◆ Work instructions
For each line of the data below, copy it if it holds the word "extrude".
================================
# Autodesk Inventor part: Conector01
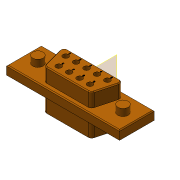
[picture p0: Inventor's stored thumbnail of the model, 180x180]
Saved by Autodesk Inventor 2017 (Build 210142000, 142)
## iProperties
GlobalPropertyList: <PropertyList/>
Created: 2016-09
Part Number: Conector01
Material: PBT Plastic
Document SubType Name: Modeling
Designer: User
Density: 1.31 g/cm^3
Appearance: Orange
Categories: <MemberInstance><Categories><Category DisplayName="" Mnemonic="CABLEANDHARNESS" InternalName="e4a7e005-5e42-4d16-b293-125e7f0d0512"><Category DisplayName="" Mne
Author: User
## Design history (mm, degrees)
sketch "Sketch1"
  geometry: L1 (-17.5, -7.5)-(17.5, -7.5); L2 (17.5, -7.5)-(17.5, 7.5); L3 (17.5, 7.5)-(-17.5, 7.5); L4 (-17.5, 7.5)-(-17.5, -7.5); L5 (-17.5, -7.5)-(17.5, 7.5); L6 (17.5, -7.5)-(-17.5, 7.5); L7 (-17.5, 7.5)-(-13.481, -7.5); L8 (17.5, 7.5)-(13.481, -7.5); L9 (0, 0)-(0, 16.553); L10 (-13.481, -7.5)-(13.481, -7.5)
  constraints: 20 end point, 2 horizontal, 2 midpoint, 2 parallel, 2 point on line, 1 perpendicular, 1 vertical, 1 other
  dimensions: "d0" = 35 distance of L3.end L2.end; "d1" = 15 distance of L2.end L1.end; "d2" = 15 deg angle of L7 L4
extrude "Extrusion1" new body sketch "Sketch1" distance "d3" = 8; taper "d4" = 0 deg
sketch "Sketch2"
  geometry: L1 (-32.5, -10)-(32.5, -10); L2 (32.5, -10)-(32.5, 10); L3 (32.5, 10)-(-32.5, 10); L4 (-32.5, 10)-(-32.5, -10); L5 (-32.5, -10)-(32.5, 10); L6 (32.5, -10)-(-32.5, 10); 1 further point
  constraints: 12 end point, 2 midpoint, 2 parallel, 1 horizontal, 1 perpendicular
  dimensions: "d5" = 65 distance of L3.end L2.end; "d6" = 20 distance of L2.end L1.end
extrude "Extrusion2" join sketch "Sketch2" distance "d7" = 5; taper "d8" = 0 deg
sketch "Sketch3"
  geometry: L1 (-32.5, -10)-(-32.5, 10) reference; L2 (32.5, 10)-(32.5, -10) reference; C1 r 3 at (-24.5, 0); C2 r 3 at (24.5, 0); 1 further point
  constraints: 2 centre point
  dimensions: "d9" = 6 diameter of C1; "d10" = 8 distance from line of L1 C1.centre; "d11" = 6 diameter of C2; "d12" = 8 distance from line of L2 C2.centre
extrude "Extrusion3" join sketch "Sketch3" distance "d13" = 4; taper "d14" = 0 deg
fillet "Fillet1" dims "d15" = 2
chamfer "Chamfer1" distance "d16" = 0.5; stored, may be unused: second distance "d17" = 2, angle "d18" = 45 deg
chamfer "Chamfer2" distance "d19" = 0.5; stored, may be unused: second distance "d20" = 2, angle "d21" = 45 deg
sketch "Sketch4"
  geometry: 9 further points
  constraints: 7 horizontal alignment, 1 other
hole "Hole1" sketch "Sketch4" at (-12, 3.5), (-6, 3.5), (0, 3.5), (6, 3.5), (12, 3.5), (-9, -3.5), (-3, -3.5), (3, -3.5), (9, -3.5) diameter "d33" = 2; stored, may be unused: countersink angle "d37" = 90 deg, drill point angle "d39" = 118 deg; dims "d34" = 6, "d35" = 3.2, "d36" = 5, "d38" = 8
sketch "Sketch5"
  geometry: L1 (-12.343, 6.335)-(-11.486, 6.335); L2 (-11.486, 6.335)-(-11.486, 5.239); L3 (-11.486, 5.239)-(-12.343, 5.239); L4 (-12.343, 5.239)-(-12.343, 6.335); L5 (-13.395, -5.888)-(-16.342, 5.112) reference; L6 (11.946, -7)-(-11.946, -7) reference; L7 (16.342, 5.112)-(13.395, -5.888) reference; L8 (-14.894, 7)-(14.894, 7) reference; L9 (-6.343, 5.239)-(-6.343, 6.335); L10 (-6.343, 6.335)-(-5.486, 6.335); L11 (-5.486, 6.335)-(-5.486, 5.239); L12 (-5.486, 5.239)-(-6.343, 5.239); L13 (-0.343, 5.239)-(-0.343, 6.335); L14 (-0.343, 6.335)-(0.514, 6.335); L15 (0.514, 6.335)-(0.514, 5.239); L16 (0.514, 5.239)-(-0.343, 5.239); L17 (5.657, 5.239)-(5.657, 6.335); L18 (5.657, 6.335)-(6.514, 6.335); L19 (6.514, 6.335)-(6.514, 5.239); L20 (6.514, 5.239)-(5.657, 5.239); L21 (11.657, 5.239)-(11.657, 6.335); L22 (11.657, 6.335)-(12.514, 6.335); L23 (12.514, 6.335)-(12.514, 5.239); L24 (12.514, 5.239)-(11.657, 5.239); L25 (-9.343, -1.761)-(-9.343, -0.665); L26 (-9.343, -0.665)-(-8.486, -0.665); L27 (-8.486, -0.665)-(-8.486, -1.761); L28 (-8.486, -1.761)-(-9.343, -1.761); L29 (-3.343, -1.761)-(-3.343, -0.665); L30 (-3.343, -0.665)-(-2.486, -0.665); L31 (-2.486, -0.665)-(-2.486, -1.761); L32 (-2.486, -1.761)-(-3.343, -1.761); L33 (2.657, -1.761)-(2.657, -0.665); L34 (2.657, -0.665)-(3.514, -0.665); L35 (3.514, -0.665)-(3.514, -1.761); L36 (3.514, -1.761)-(2.657, -1.761); L37 (8.657, -1.761)-(8.657, -0.665); L38 (8.657, -0.665)-(9.514, -0.665); L39 (9.514, -0.665)-(9.514, -1.761); L40 (9.514, -1.761)-(8.657, -1.761); C1 r 1.6 at (3, -3.5) reference; C2 r 1.6 at (-9, -3.5) reference; C3 r 1.6 at (6, 3.5) reference; C4 r 1.6 at (-6, 3.5) reference; C5 r 1.6 at (-12, 3.5) reference; C6 r 1.6 at (0, 3.5) reference; C7 r 1.6 at (12, 3.5) reference; C8 r 1.6 at (-3, -3.5) reference; C9 r 1.6 at (9, -3.5) reference; A1 r 1.5 centre (-11.946, -5.5) between (-13.395, -5.888) and (-11.946, -7) reference; A2 r 1.5 centre (11.946, -5.5) between (11.946, -7) and (13.395, -5.888) reference; A3 r 1.5 centre (14.894, 5.5) between (16.342, 5.112) and (14.894, 7) reference; A4 r 1.5 centre (-14.894, 5.5) between (-14.894, 7) and (-16.342, 5.112) reference; 1 further point
  constraints: 18 other
extrude "Extrusion4" join sketch "Sketch5" distance "d40" = 0.2; taper "d41" = 0 deg
sketch "Sketch15"
  geometry: L1 (11.946, -7.5)-(-11.946, -7.5) reference; L2 (16.825, 4.982)-(13.878, -6.018) reference; L3 (-14.894, 7.5)-(14.894, 7.5) reference; L4 (-13.878, -6.018)-(-16.825, 4.982) reference; L5 (32, 9.5)-(-32, 9.5) reference; L6 (32, -9.5)-(32, 9.5) reference; L7 (-32, -9.5)-(32, -9.5) reference; L8 (-32, 9.5)-(-32, -9.5) reference; C1 r 3 at (-24.5, 0) reference; C2 r 3 at (24.5, 0) reference; A1 r 2 centre (11.946, -5.5) between (11.946, -7.5) and (13.878, -6.018) reference; A2 r 2 centre (14.894, 5.5) between (16.825, 4.982) and (14.894, 7.5) reference; A3 r 2 centre (-14.894, 5.5) between (-14.894, 7.5) and (-16.825, 4.982) reference; A4 r 2 centre (-11.946, -5.5) between (-13.878, -6.018) and (-11.946, -7.5) reference; 1 further point
extrude "Extrusion5" join sketch "Sketch15" distance "d42" = 10; taper "d43" = 0 deg
workplane "Work Plane1"
sketch "Sketch16"
  geometry: C1 r 1.6 at (-12, 3.5) reference
sketch "Sketch17"
  geometry: C1 r 1.6 at (-12, 3.5) reference
body "Solid1"
node "Projected Loop1"
node "Projected Loop2"
================================
◆ Answer
extrude "Extrusion1" new body sketch "Sketch1" distance "d3" = 8; taper "d4" = 0 deg
extrude "Extrusion2" join sketch "Sketch2" distance "d7" = 5; taper "d8" = 0 deg
extrude "Extrusion3" join sketch "Sketch3" distance "d13" = 4; taper "d14" = 0 deg
extrude "Extrusion4" join sketch "Sketch5" distance "d40" = 0.2; taper "d41" = 0 deg
extrude "Extrusion5" join sketch "Sketch15" distance "d42" = 10; taper "d43" = 0 deg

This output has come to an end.